Это тоже было воспоминанием. Как ноги припомнили давно забытые движения, так мозг обрел давно потерянные чувства. Это чувство было как бы предчувствием будущего. Скоро должен подуть ранний мартовский ветер, должны зашуметь апрельские дожди, нежный муссон начнет целовать зеленые нивы. Так ведь было тогда, когда она бегала по льду на нижнем Рейне, у замка Войланд. Старые рукава Рейна, затоплявшего всю страну, лед, гладкий лед на необозримых равнинах и редко, редко — человек! Так было и теперь… Хотя вокруг нее толпились люди, а это болото в Централ-Парке было лишь жалким суррогатом Рейна. Но она не замечала людей. Она была одна, жила для себя, согретая и наполненная этим предчувствием новой весны.

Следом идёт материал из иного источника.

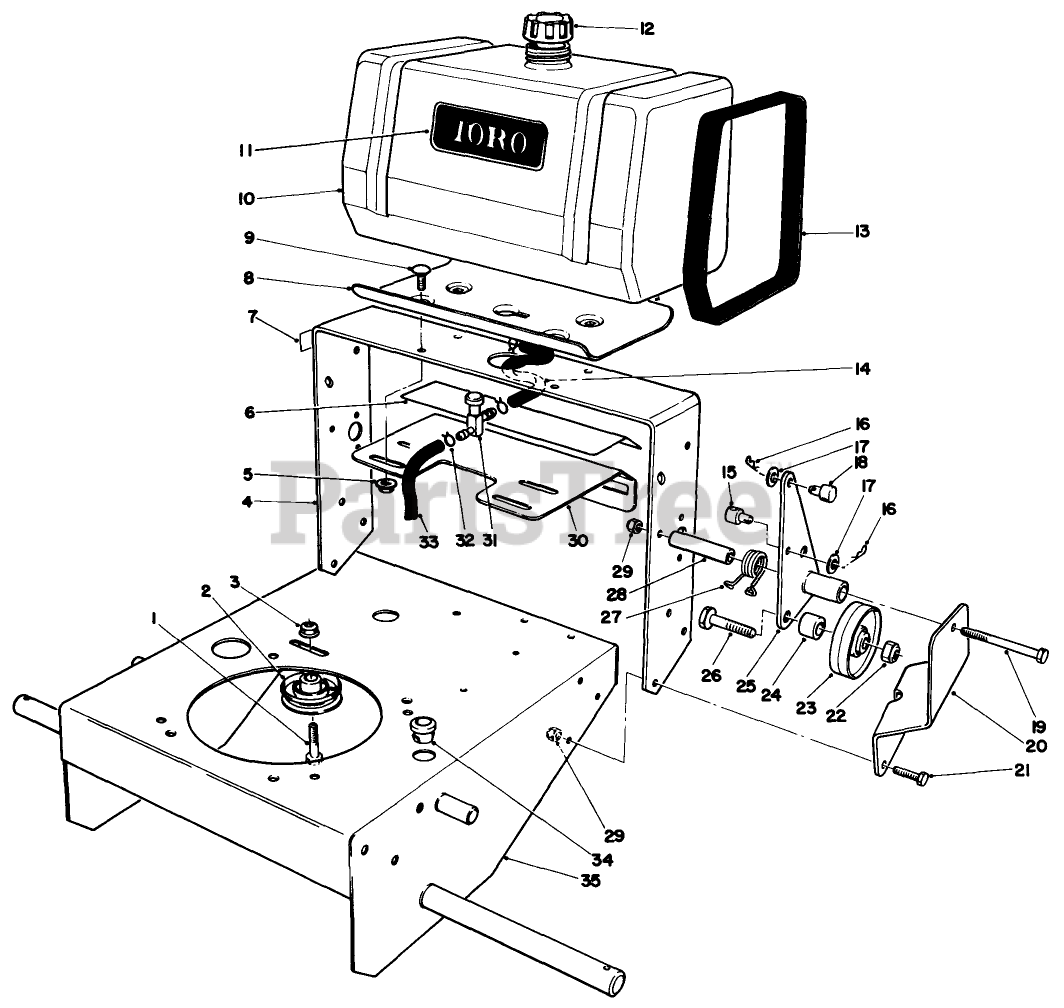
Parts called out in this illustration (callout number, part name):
1	SCREW-HH
2	PULLEY-IDLER
3	NUT-HF
5	NUT-HF
9	BOLT-CARR
12	GAS CAP ASM
15	ROD FITTING
17	WASHER-PLAIN
19	SCREW-HH
21	SCREW-HH
22	NUT-LOCK, NI
24	WHEEL IDLER SPACER
25	LH IDLER BRKT WA
26	SCREW-LEVELER
27	SPRING-TORSION, LH
29	NUT-LOCK, NI
30	CONTROL PLATE *R
34	GROMMET
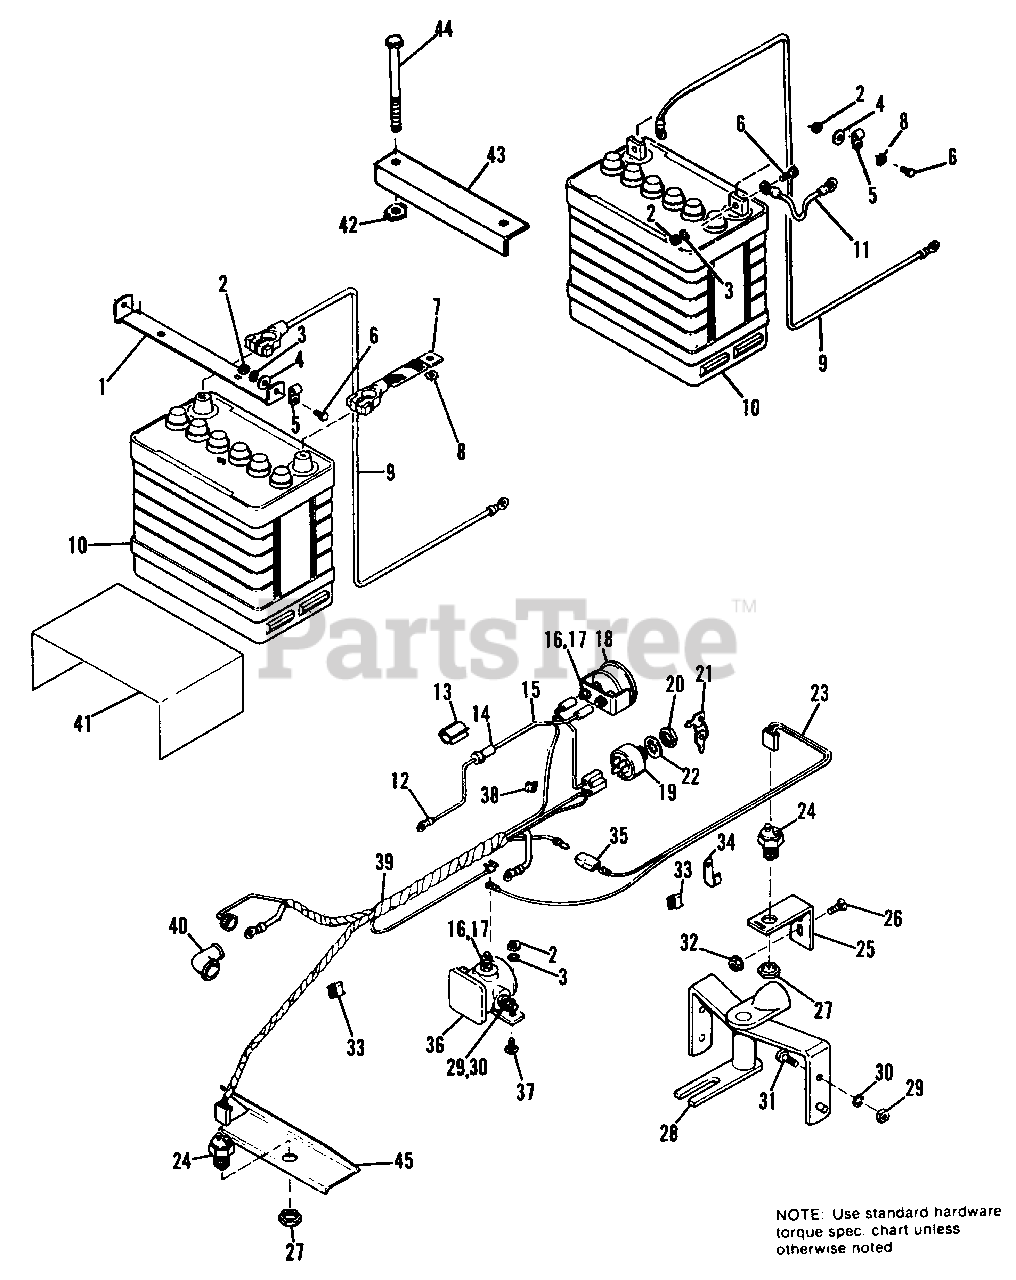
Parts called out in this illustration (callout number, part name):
1	HOLD DOWN Battery (1690020 & 1690106 Only)
2	NUT, Hex, 1/4 (Qty. 4 on 1690020, 1690106)
3	LOCKWASHER 1/4 (Qty. 4 on 1690020, 1690106)
4	WASHER, Plain 1/4 (Qty. 1 on 1690019 Only)
7	CABLE, Battery to Ground (1690020 & 1690106)
8	LOCKWASHER, Int., 1/4
9	CABLE, Battery to Solenoid (1690020 & 1690106)
9	CABLE, Battery to Solenoid
10	BATTERY KIT (1690020 & 1690106 Only)
10	BATTERY KIT
11	CABLE (1690019 Only)
12	WIRE, Solenoid to Negative
13	CLIP, Fuse
14	FUSE, 7-1/2 amp
15	WIRE, Negative Ammeter to Solenoid
16	LOCKWASHER, #10
17	NUT, Hex, Full, #10-32
19	SWITCH, Ignition
20	NUT, Special
22	LOCKWASHER, Int., 5/8
23	WIRE, Safety Swtich
24	SWITCH, Safety
26	BOLT, Carriage, 1/4-20 x 3/4
27	NUT, Pal, 9/16-18
28	PIVOT ASSY.
29	NUT, Hex, Full, 5/16-18
30	LOCKWASHER, 5/16
31	CAPSCREW, Hex Hd., 5/16-18 x 3/4
32	LOCKNUT, Flange, 1/4-20
33	CLIP, Speed
34	J-CUP, Open
35	CONNECTOR, Insulator
37	BOLT, Carriage, 1/4-20 x 5/8
38	CLIP, Cable
39	HARNESS ASSY.
40	COVER, Terminal
41	INSULATION, Battery
42	NUT Retainer 1/4-20 (1690019 Only)
43	HOLD DOWN, Battery (1690019 Only)
44	CAPSCREW, Hex Hd., 1/4-20 x 7 (1690019 Only)
45	SHIELD, Heat (1690020 & 1690106 Only)

Знакомых она встречала редко. Если нельзя было уклониться, здоровалась, говорила несколько безразличных слов, быстро обрывала разговор и уходила. Несколько раз ее вызывал Брискоу, чаще ей писала Гвинни. Она отвечала ей, говорила с ее отцом, но все коротко, уделяя этому лишь минуты. И немедленно стирала все из своей памяти.
Она была одинока. Часами одна сидела в своей комнате. С катка приходила домой с нервами, мускулами и жилами, насыщенными растущим сладострастием. Полусознательными желаниями гусеницы, чувствующей, что ей скоро предстоит окукливаться. А затем, когда она будет спокойно лежать и дремать, будут расти ее крылья, спадет узкая оболочка, и она полетит в эфир, ко всем солнцам.
Она больше не наводила на себя красоту. Губная помада и пуховка лежали без употребления. Но ей было жаль отрезанных волос. Даже дома она носила на голове шелковый платок в виде тюрбана.
Она лежала на диване, сидела в кресле — перед ней лежал белый лист со словами: «Эндри Войланд». Все, что о ней знала, она хотела записать, на десятках, на сотнях страниц. Еще раз перечесть. Затем — кому она это передаст? Кто поймет это так, как понимала она? И снова она не нашла другого имени, кроме имени своего кузена Яна Олислягерса.
Он, всегда он! А он едва о ней думал, редко ей писал. Уже многие годы она не видала его. Нет, и его хотела бы она забыть.
Никому она не желает отдавать эти страницы, а бросить их в огонь, потопить в пламени, в котором скоро утонет сама…
Но она не написала ни одной строки, ни единого слова.
Она лежала на диване и думала.
Замок Войланд! Некогда это была мрачная речная крепость. Кругом — рвы и темный дикий лес. Подъемные мосты к гигантским воротам. На них — много гербов. Здесь жили древние роды. Когда вымирал один, усаживался другой: родственные семьи, потерянные ветви. Шоненвельдты и Эйленбурги, Цульнгардты и Викеде, Бронкгардты, Круа и Спаены.
В XVII веке над башнями пролетел красный бранденбургский орел. Тогда здесь жил правнук великого курфюрста. Юный Фридрих II, только что сделавшийся королем, в первый раз пригласил сюда Вольтера. В его честь реял над замком черный прусский орел.
Едва ли они тут чувствовали себя приятно. Когда они хотели забыть ежедневный труд, им нужна была легкая игра мерцающих солнечных лучей: Сан-Суси.
Поэтому-то прусский король и продал старую речную крепость.
Теперь в ней поселились Войланды и перестроили ее. Создали нечто вроде английского поместья, наподобие Виндзора. Насадили большой английский парк. Но ров остался. По подъемному мосту кареты подъезжали к заросшему плющом замку. По обе стороны дороги стояли бронзовые олени. На юго-запад шла холмистая, покрытая лесом земля. Там был Лесной Дом, где жили соколы.
Тут царила бабушка — Роберта фон Войланд, графиня фон Краненбург на Рейне.
Эндри не знала точно, когда ее привезли к бабушке. Отец ее умер до ее рождения. Она оставалась с матерью четыре-пять лет, пока не умерла и та. Но об этом времени жизни с матерью у нее не сохранилось никаких воспоминаний.